Your instructions ▸
Search the records for the string "from". Copy each line where it occurs.

§

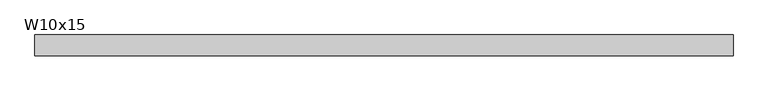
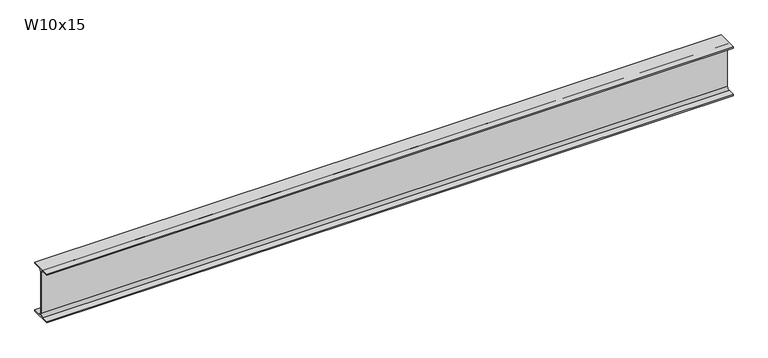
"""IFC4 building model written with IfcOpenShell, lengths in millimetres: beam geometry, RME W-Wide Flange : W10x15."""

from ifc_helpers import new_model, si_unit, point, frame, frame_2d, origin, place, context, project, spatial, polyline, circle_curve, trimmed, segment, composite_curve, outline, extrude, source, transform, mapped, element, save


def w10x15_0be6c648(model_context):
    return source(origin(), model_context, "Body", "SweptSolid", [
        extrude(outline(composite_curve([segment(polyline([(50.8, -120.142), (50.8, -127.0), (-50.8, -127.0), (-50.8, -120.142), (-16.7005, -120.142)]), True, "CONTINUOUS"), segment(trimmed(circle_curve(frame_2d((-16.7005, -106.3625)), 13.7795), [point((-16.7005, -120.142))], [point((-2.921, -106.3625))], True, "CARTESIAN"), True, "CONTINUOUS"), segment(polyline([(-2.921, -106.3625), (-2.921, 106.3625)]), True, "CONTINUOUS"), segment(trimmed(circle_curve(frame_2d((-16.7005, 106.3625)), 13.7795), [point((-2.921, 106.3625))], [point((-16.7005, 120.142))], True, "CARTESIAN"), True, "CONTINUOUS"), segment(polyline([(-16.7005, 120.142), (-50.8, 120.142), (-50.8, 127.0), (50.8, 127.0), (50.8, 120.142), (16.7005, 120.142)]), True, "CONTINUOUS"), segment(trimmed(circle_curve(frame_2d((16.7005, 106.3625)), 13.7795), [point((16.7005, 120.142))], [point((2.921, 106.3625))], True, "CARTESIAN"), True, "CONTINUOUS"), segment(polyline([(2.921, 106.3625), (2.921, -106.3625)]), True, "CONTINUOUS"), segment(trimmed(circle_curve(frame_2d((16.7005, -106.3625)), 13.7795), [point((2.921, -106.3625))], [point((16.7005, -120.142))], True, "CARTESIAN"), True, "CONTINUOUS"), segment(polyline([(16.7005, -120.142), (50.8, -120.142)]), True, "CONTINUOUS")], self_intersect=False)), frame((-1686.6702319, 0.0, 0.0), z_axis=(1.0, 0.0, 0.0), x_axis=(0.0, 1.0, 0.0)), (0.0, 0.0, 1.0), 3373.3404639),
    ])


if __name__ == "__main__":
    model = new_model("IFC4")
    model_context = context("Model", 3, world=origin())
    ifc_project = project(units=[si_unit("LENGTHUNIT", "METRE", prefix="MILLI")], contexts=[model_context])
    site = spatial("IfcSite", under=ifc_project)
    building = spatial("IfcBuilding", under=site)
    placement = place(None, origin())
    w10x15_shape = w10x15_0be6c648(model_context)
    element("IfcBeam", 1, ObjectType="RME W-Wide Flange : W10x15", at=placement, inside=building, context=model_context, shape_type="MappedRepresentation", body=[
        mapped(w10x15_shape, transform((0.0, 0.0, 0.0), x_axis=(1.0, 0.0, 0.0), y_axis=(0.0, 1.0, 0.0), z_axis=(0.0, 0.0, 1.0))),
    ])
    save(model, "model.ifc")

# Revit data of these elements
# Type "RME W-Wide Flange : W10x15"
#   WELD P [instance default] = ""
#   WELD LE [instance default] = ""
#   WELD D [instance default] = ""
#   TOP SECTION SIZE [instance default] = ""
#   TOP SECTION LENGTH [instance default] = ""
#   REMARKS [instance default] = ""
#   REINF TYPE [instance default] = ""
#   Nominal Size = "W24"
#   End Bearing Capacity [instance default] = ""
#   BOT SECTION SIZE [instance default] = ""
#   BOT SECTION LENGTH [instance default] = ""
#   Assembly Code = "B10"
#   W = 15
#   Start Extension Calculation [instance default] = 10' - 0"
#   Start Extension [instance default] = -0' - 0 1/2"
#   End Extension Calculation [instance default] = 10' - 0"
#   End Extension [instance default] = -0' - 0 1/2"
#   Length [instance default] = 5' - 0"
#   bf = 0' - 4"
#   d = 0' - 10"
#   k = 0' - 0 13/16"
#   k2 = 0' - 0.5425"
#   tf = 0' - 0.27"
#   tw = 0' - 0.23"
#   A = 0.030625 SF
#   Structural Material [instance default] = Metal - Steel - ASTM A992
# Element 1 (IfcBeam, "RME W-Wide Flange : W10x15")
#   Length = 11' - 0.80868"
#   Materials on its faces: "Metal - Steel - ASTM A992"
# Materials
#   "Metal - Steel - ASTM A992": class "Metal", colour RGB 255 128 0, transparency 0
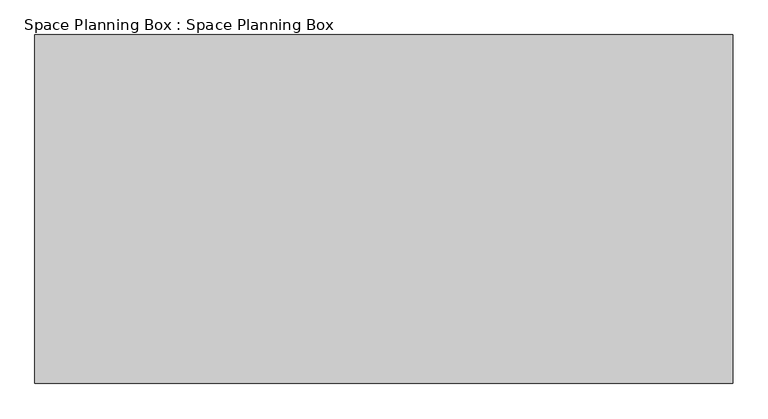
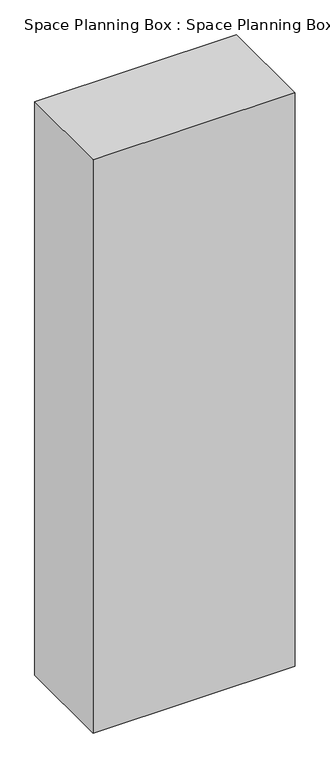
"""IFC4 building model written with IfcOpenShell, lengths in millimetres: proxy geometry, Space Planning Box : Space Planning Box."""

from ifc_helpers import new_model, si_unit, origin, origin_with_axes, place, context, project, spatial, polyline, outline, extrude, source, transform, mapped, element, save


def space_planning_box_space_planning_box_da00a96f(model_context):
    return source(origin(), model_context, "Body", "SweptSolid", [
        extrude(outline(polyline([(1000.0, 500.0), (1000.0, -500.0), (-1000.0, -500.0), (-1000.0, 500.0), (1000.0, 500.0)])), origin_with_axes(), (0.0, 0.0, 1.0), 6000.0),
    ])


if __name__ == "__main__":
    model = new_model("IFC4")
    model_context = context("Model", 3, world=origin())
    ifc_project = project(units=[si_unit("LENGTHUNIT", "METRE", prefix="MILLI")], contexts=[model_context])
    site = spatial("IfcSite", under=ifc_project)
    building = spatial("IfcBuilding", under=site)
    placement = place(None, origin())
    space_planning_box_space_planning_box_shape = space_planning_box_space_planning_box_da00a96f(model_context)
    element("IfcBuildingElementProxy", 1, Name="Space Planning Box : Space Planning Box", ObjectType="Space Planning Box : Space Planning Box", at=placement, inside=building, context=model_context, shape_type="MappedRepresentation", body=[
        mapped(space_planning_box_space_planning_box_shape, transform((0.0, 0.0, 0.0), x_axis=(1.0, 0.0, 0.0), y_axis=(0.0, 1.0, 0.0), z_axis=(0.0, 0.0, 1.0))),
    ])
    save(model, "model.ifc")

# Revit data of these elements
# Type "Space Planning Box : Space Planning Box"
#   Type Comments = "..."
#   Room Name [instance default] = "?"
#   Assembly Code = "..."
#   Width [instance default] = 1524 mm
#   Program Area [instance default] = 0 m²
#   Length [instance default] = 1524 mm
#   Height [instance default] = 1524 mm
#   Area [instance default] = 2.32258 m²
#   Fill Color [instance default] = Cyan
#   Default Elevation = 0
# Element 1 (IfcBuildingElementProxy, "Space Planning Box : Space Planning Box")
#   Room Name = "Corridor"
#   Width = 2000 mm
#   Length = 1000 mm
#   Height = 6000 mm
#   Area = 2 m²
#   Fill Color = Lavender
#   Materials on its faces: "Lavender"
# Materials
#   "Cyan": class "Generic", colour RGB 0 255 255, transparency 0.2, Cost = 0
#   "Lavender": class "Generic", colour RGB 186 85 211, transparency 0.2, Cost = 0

§

Output for this exercise ▸
from ifc_helpers import new_model, si_unit, point, frame, frame_2d, origin, place, context, project, spatial, polyline, circle_curve, trimmed, segment, composite_curve, outline, extrude, source, transform, mapped, element, save
from ifc_helpers import new_model, si_unit, origin, origin_with_axes, place, context, project, spatial, polyline, outline, extrude, source, transform, mapped, element, save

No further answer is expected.